Augusto Pinochet, ao extinguir a Justiça do Trabalho, tinha como base argumentativa que os sindicatos representam apenas pequena fração dos trabalhadores privilegiados e que estes estariam em disputa com os demais não sindicalizados, reais necessitados. Afirmava que esses trabalhadores estão em concorrência uns com os outros, e que um sindicato somente servia para retirar a fração da renda do trabalho dos demais trabalhadores e que os sindicatos não eram uma arma para redistribuição de renda entre capital e trabalho, que estaria ligada a outros fatores como tecnologia e abundância relativa do capital (in PIÑERA, José. La Revolución laboral en Chile. Tercera Edición. Santiago: Chile, 1990. Versão da Internet. Encontrável em www.josepinera.org, acesso em 23/06/2016. Em suas palavras, “o Plan Laboral não tem nada a ver com o direito individual do trabalho. O Plano Laboral em realidade é única e exclusivamente um Plano Sindical e se o batizamos assim foi porque as duas palavras não nos soavam bem. Era muito mais charmoso o título de Plano Laboral.˜, Página 50).
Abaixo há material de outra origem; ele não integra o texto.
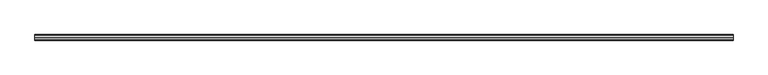
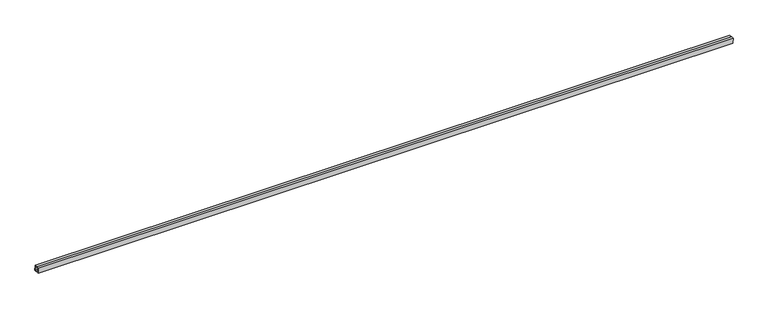
"""IFC4 building model written with IfcOpenShell, lengths in millimetres: proxy geometry, Inner panel:Inner panel:1:Inner panel:1 : Inner panel:Inner panel:300324:2:Inner panel:1:Inner panel:1 : Inner panel:Inner panel:300324:2 : Inner panel:Inner panel:1:Inner panel:1 : Inner panel:Inner panel:300324:300043:12 : Inner panel:Inner panel:1:Inner panel:1 : Inner panel:Inner panel:300324:2:Inner panel:1:Inner panel:1 : Inner panel:Inner panel:300324:2 : Inner panel:Inner panel:1:Inner panel:1 : Inner panel:Inner panel:300324:300043:308120."""

import ifcopenshell
import ifcopenshell.guid

model = None  # the IFC model being written
_history = None  # IfcOwnerHistory: only IFC2X3 demands one
_inside = {}  # id of a spatial element -> (the spatial element, [elements in it])
_under = {}  # id of a project, library or spatial element -> (it, [spatial elements below it])
_declared = {}  # id of a project -> (the project, [libraries it declares])
_typed = {}  # id of a type object -> (the type object, [elements of that type])
_made_of = {}  # id of a material, layer set ... -> (it, [elements and type objects made of it])


def new_model(schema):
    """Start an empty IFC model of exactly this schema.

    Asked for "IFC4X3", IfcOpenShell would pick the latest addendum, in which some entities
    have other attributes; the version numbers below select the first issue.
    IFC2X3 requires an IfcOwnerHistory on every rooted entity: one is made here for all.
    """
    global model, _history
    if schema == "IFC4X3":
        model = ifcopenshell.file(schema_version=(4, 3, 0, 0))
    else:
        model = ifcopenshell.file(schema=schema)
    _inside.clear()
    _under.clear()
    _declared.clear()
    _typed.clear()
    _made_of.clear()
    _history = None
    if model.schema == "IFC2X3":
        org = make("IfcOrganization", Name="unknown")
        user = make(
            "IfcPersonAndOrganization",
            ThePerson=make("IfcPerson", FamilyName="unknown"),
            TheOrganization=org,
        )
        app = make(
            "IfcApplication",
            ApplicationDeveloper=org,
            Version="unknown",
            ApplicationFullName="unknown",
            ApplicationIdentifier="unknown",
        )
        _history = make(
            "IfcOwnerHistory",
            OwningUser=user,
            OwningApplication=app,
            ChangeAction="ADDED",
            CreationDate=0,
        )
    return model


def make(cls, **values):
    """One entity of the class cls with the attributes given. An attribute that is None is left unset."""
    return model.create_entity(
        cls, **{name: value for name, value in values.items() if value is not None}
    )


def rooted(cls, **values):
    """An entity with a GlobalId (a new one), such as an element, a storey or a relation."""
    return make(cls, GlobalId=ifcopenshell.guid.new(), OwnerHistory=_history, **values)


def si_unit(unit_type, name, prefix=None):
    """IfcSIUnit, for example si_unit("LENGTHUNIT", "METRE", prefix="MILLI")."""
    return make("IfcSIUnit", UnitType=unit_type, Prefix=prefix, Name=name)


def assignment(units):
    """IfcUnitAssignment: the units of a project."""
    return None if units is None else make("IfcUnitAssignment", Units=units)


def point(xyz):
    """IfcCartesianPoint."""
    return None if xyz is None else make("IfcCartesianPoint", Coordinates=xyz)


def direction(xyz):
    """IfcDirection."""
    return None if xyz is None else make("IfcDirection", DirectionRatios=xyz)


def frame(location, z_axis=None, x_axis=None):
    """IfcAxis2Placement3D, a coordinate frame: its origin and axes. An axis left out is left unset."""
    return make(
        "IfcAxis2Placement3D",
        Location=point(location),
        Axis=direction(z_axis),
        RefDirection=direction(x_axis),
    )


def origin():
    """The frame at (0, 0, 0) with its axes left unset."""
    return frame((0.0, 0.0, 0.0))


def place(relative_to, where):
    """IfcLocalPlacement: puts the frame where relative to a parent placement (None: the world)."""
    return make(
        "IfcLocalPlacement", PlacementRelTo=relative_to, RelativePlacement=where
    )


def context(
    kind, dimensions, precision=None, world=None, true_north=None, identifier=None
):
    """IfcGeometricRepresentationContext, for example the 3D "Model" context."""
    return make(
        "IfcGeometricRepresentationContext",
        ContextIdentifier=identifier,
        ContextType=kind,
        CoordinateSpaceDimension=dimensions,
        Precision=precision,
        WorldCoordinateSystem=world,
        TrueNorth=true_north,
    )


def project(units=None, contexts=None):
    """IfcProject with its units and contexts."""
    return rooted(
        "IfcProject",
        Name="project",
        RepresentationContexts=contexts,
        UnitsInContext=assignment(units),
    )


def spatial(cls, under=None, at=None, **own):
    """A site, building, storey or space (cls), placed at a placement, below another one or the project."""
    s = rooted(cls, ObjectPlacement=at, **own)
    if under is not None:
        _under.setdefault(under.id(), (under, []))[1].append(s)
    return s


def polyline(points):
    """IfcPolyline through the points."""
    return make("IfcPolyline", Points=[point(p) for p in points])


def outline(outer, holes=None, kind="AREA"):
    """IfcArbitraryClosedProfileDef: a profile drawn as a closed curve; with holes, ...WithVoids."""
    if holes is None:
        return make("IfcArbitraryClosedProfileDef", ProfileType=kind, OuterCurve=outer)
    return make(
        "IfcArbitraryProfileDefWithVoids",
        ProfileType=kind,
        OuterCurve=outer,
        InnerCurves=holes,
    )


def extrude(swept, where, along, depth):
    """IfcExtrudedAreaSolid: the profile swept, set in the frame where, extruded along a direction by depth."""
    return make(
        "IfcExtrudedAreaSolid",
        SweptArea=swept,
        Position=where,
        ExtrudedDirection=direction(along),
        Depth=depth,
    )


def shape(context_of_items, identifier, shape_type, items):
    """IfcShapeRepresentation: the items that make up one representation, for example the "Body"."""
    return make(
        "IfcShapeRepresentation",
        ContextOfItems=context_of_items,
        RepresentationIdentifier=identifier,
        RepresentationType=shape_type,
        Items=items,
    )


def source(mapping_origin, context_of_items, identifier, shape_type, items):
    """IfcRepresentationMap: a shape defined once, which mapped items show again and again."""
    return make(
        "IfcRepresentationMap",
        MappingOrigin=mapping_origin,
        MappedRepresentation=shape(context_of_items, identifier, shape_type, items),
    )


def transform(
    local_origin,
    x_axis=None,
    y_axis=None,
    z_axis=None,
    scale=None,
    scale2=None,
    scale3=None,
    uniform=True,
):
    """IfcCartesianTransformationOperator3D, or its non-uniform kind. x_axis, y_axis, z_axis: its Axis1, 2, 3."""
    if uniform:
        return make(
            "IfcCartesianTransformationOperator3D",
            Axis1=direction(x_axis),
            Axis2=direction(y_axis),
            LocalOrigin=point(local_origin),
            Scale=scale,
            Axis3=direction(z_axis),
        )
    return make(
        "IfcCartesianTransformationOperator3DnonUniform",
        Axis1=direction(x_axis),
        Axis2=direction(y_axis),
        LocalOrigin=point(local_origin),
        Scale=scale,
        Axis3=direction(z_axis),
        Scale2=scale2,
        Scale3=scale3,
    )


def mapped(mapping_source, mapping_target):
    """IfcMappedItem: shows the shape of a source again, moved by a transform."""
    return make(
        "IfcMappedItem", MappingSource=mapping_source, MappingTarget=mapping_target
    )


def made_of(thing, what):
    """Note that an element or type object is made of a material, layer set ...; save() writes the relation."""
    if what is not None:
        _made_of.setdefault(what.id(), (what, []))[1].append(thing)
    return thing


def element(
    cls,
    number,
    at=None,
    inside=None,
    cuts=None,
    type_object=None,
    material=None,
    context=None,
    identifier="Body",
    shape_type=None,
    held_by="IfcProductDefinitionShape",
    body=None,
    shapes=None,
    **own,
):
    """One element of the class cls, such as IfcWall. Its Tag is "e" and its number.

    at: its placement. inside: the storey or other place that contains it. cuts: it is an
    opening in that element (IfcRelVoidsElement). A single representation is given by context,
    identifier, shape_type and body (its items); several are given by shapes. held_by: the class
    of the entity that holds the representations. save() writes the other relations.
    """
    e = rooted(cls, Tag="e%d" % number, ObjectPlacement=at, **own)
    if body is not None:
        shapes = [shape(context, identifier, shape_type, body)]
    if shapes is not None:
        e.Representation = make(held_by, Representations=shapes)
    if inside is not None:
        _inside.setdefault(inside.id(), (inside, []))[1].append(e)
    if cuts is not None:
        rooted(
            "IfcRelVoidsElement", RelatingBuildingElement=cuts, RelatedOpeningElement=e
        )
    if type_object is not None:
        _typed.setdefault(type_object.id(), (type_object, []))[1].append(e)
    return made_of(e, material)


def aggregate(whole, parts):
    """IfcRelAggregates: a whole, such as a stair, and the parts it consists of."""
    return rooted("IfcRelAggregates", RelatingObject=whole, RelatedObjects=parts)


def save(model, path):
    """Write the relations noted so far, then the file.

    IfcRelAggregates (storeys below a building ...), IfcRelContainedInSpatialStructure (elements
    in a storey), IfcRelDefinesByType, IfcRelAssociatesMaterial and IfcRelDeclares: one each for
    every whole, place, type object, material and project.
    """
    for whole, parts in _under.values():
        aggregate(whole, parts)
    for where, things in _inside.values():
        rooted(
            "IfcRelContainedInSpatialStructure",
            RelatedElements=things,
            RelatingStructure=where,
        )
    for kind, things in _typed.values():
        rooted("IfcRelDefinesByType", RelatedObjects=things, RelatingType=kind)
    for what, things in _made_of.values():
        rooted("IfcRelAssociatesMaterial", RelatedObjects=things, RelatingMaterial=what)
    for by, libraries in _declared.values():
        rooted("IfcRelDeclares", RelatingContext=by, RelatedDefinitions=libraries)
    model.write(path)


def generic_models_874b4a9b(model_context):
    return source(origin(), model_context, "Body", "SweptSolid", [
        extrude(outline(polyline([(-579878.6983883, 3913.3147263), (-579860.4579651, 3914.0747439), (-579858.8718413, 3876.0077738), (-579896.9388114, 3874.4216501), (-579898.5249352, 3912.4886201), (-579880.284512, 3913.2486378), (-579880.1853793, 3910.8694521), (-579896.0466168, 3910.2085672), (-579894.6587585, 3876.8999684), (-579861.3501597, 3878.2878267), (-579862.738018, 3911.5964255), (-579878.5992555, 3910.9355406), (-579878.6983883, 3913.3147263)])), frame((588245.3367239, 0.0, 0.0), z_axis=(1.0, 0.0, 0.0), x_axis=(0.0, 1.0, 0.0)), (0.0, 0.0, 1.0), 4876.8),
    ])


if __name__ == "__main__":
    model = new_model("IFC4")
    model_context = context("Model", 3, world=origin())
    ifc_project = project(units=[si_unit("LENGTHUNIT", "METRE", prefix="MILLI")], contexts=[model_context])
    site = spatial("IfcSite", under=ifc_project)
    building = spatial("IfcBuilding", under=site)
    placement = place(None, origin())
    generic_models_shape = generic_models_874b4a9b(model_context)
    element("IfcBuildingElementProxy", 1, Name="Inner panel:Inner panel:1:Inner panel:1 : Inner panel:Inner panel:300324:2:Inner panel:1:Inner panel:1 : Inner panel:Inner panel:300324:2 : Inner panel:Inner panel:1:Inner panel:1 : Inner panel:Inner panel:300324:300043:12 : Inner panel:Inner panel:1:Inner panel:1 : Inner panel:Inner panel:300324:2:Inner panel:1:Inner panel:1 : Inner panel:Inner panel:300324:2 : Inner panel:Inner panel:1:Inner panel:1 : Inner panel:Inner panel:300324:300043:308120", ObjectType="Inner panel:Inner panel:1:Inner panel:1 : Inner panel:Inner panel:300324:2:Inner panel:1:Inner panel:1 : Inner panel:Inner panel:300324:2 : Inner panel:Inner panel:1:Inner panel:1 : Inner panel:Inner panel:300324:300043:12 : Inner panel:Inner panel:1:Inner panel:1 : Inner panel:Inner panel:300324:2:Inner panel:1:Inner panel:1 : Inner panel:Inner panel:300324:2 : Inner panel:Inner panel:1:Inner panel:1 : Inner panel:Inner panel:300324:300043:308120", at=placement, inside=building, context=model_context, shape_type="MappedRepresentation", body=[
        mapped(generic_models_shape, transform((0.0, 0.0, 0.0), x_axis=(1.0, 0.0, 0.0), y_axis=(0.0, 1.0, 0.0), z_axis=(0.0, 0.0, 1.0))),
    ])
    save(model, "model.ifc")

# Revit data of these elements
# Type "Inner panel:Inner panel:1:Inner panel:1 : Inner panel:Inner panel:300324:2:Inner panel:1:Inner panel:1 : Inner panel:Inner panel:300324:2 : Inner panel:Inner panel:1:Inner panel:1 : Inner panel:Inner panel:300324:300043:12 : Inner panel:Inner panel:1:Inner panel:1 : Inner panel:Inner panel:300324:2:Inner panel:1:Inner panel:1 : Inner panel:Inner panel:300324:2 : Inner panel:Inner panel:1:Inner panel:1 : Inner panel:Inner panel:300324:300043:308120"
#   NameOverride = "Inner panel:Inner panel:1:Inner panel:1 : Inner panel:Inner panel:300324:2:Inner panel:1:Inner panel:1 : Inner panel:Inner panel:300324:2 : Inner panel:Inner panel:1:Inner panel:1 : Inner panel:Inner panel:300324:300043:308120"
#   ObjectTypeOverride = "Inner panel:1:Inner panel:1 : Inner panel:Inner panel:300324:2 : Inner panel:Inner panel:1:Inner panel:1 : Inner panel:Inner panel:300324:300043"
#   Reference = "Inner panel"
#   Tag = "308120"
# Element 1 (IfcBuildingElementProxy, "Inner panel:Inner panel:1:Inner panel:1 : Inner panel:Inner panel:300324:2:Inner panel:1:Inner panel:1 : Inner panel:Inner panel:300324:2 : Inner panel:Inner panel:1:Inner panel:1 : Inner panel:Inner panel:300324:300043:12 : Inner panel:Inner panel:1:Inner panel:1 : Inner panel:Inner panel:300324:2:Inner panel:1:Inner panel:1 : Inner panel:Inner panel:300324:2 : Inner panel:Inner panel:1:Inner panel:1 : Inner panel:Inner panel:300324:300043:308120")
#   Materials on its faces: "1 1/2\" X 1 1/2\" SPLIT-SEAM SQUARE TUBING (~24\" CANTILEVER FROM C.L. OF GLULAM)"
# Materials
#   "1 1/2\" X 1 1/2\" SPLIT-SEAM SQUARE TUBING (~24\" CANTILEVER FROM C.L. OF GLULAM)": class "Unassigned", colour RGB 202 201 200, transparency 0, Cost = 0

Então, longe de ser uma proposta “moderna”, Bolsonaro aponta que no seu governo fará ataques à classe trabalhadora aos moldes de Pinochet, com a finalidade de tentar consolidar o negociado em face do legislado e sem a interferência dos Sindicatos e da Justiça do Trabalho, em típico retrocesso a Idade Média.
A Justiça do Trabalho deve se destinar a combater as desigualdades sociais, tais como: discriminações de gênero, raça, nacionalidade, sexual etc.; eliminar o trabalho escravo ou análogo a tal; aplicar pesadas multas aos empregadores que não cumprem com as normas de segurança e medicina do trabalho e ou não remuneram os direitos mínimos dos trabalhadores. Isto é, a Justiça do Trabalho deve servir ao fim da opressão sobre a classe, motivo pelo qual não pode ser extinta.
Sobre a proposta de extinção da Justiça do Trabalho, diversas entidades jurídicas já manifestaram seu repúdio, tais como: ANAMATRA, Associações dos Magistrados da Justiça do Trabalho da 2ª e 15ª Regiões, Sindicato dos Advogados do Estado de São Paulo, Associação dos Advogados Trabalhistas de São Paulo, Federação Nacional dos Advogados, Associação Latinoamericana de Juízes do Trabalho, Foro Federal de Institutos e Comisiones de Derecho del Trabajo de Colegio de Abogados y Procuradores de la República Argentina, Frente Associativa da Magistratura e do Ministério Público, dentre outros.
No próximo dia 21 de janeiro, a partir das 10 horas, haverá grande ato público em defesa da manutenção da Justiça do Trabalho, no Fórum Ruy Barrosa (Barra Funda), promovido por advogados, juízes e servidores; e ainda estamos constituindo um comitê de defesa dos direitos sociais, iniciando-se, assim, grande jornada de luta.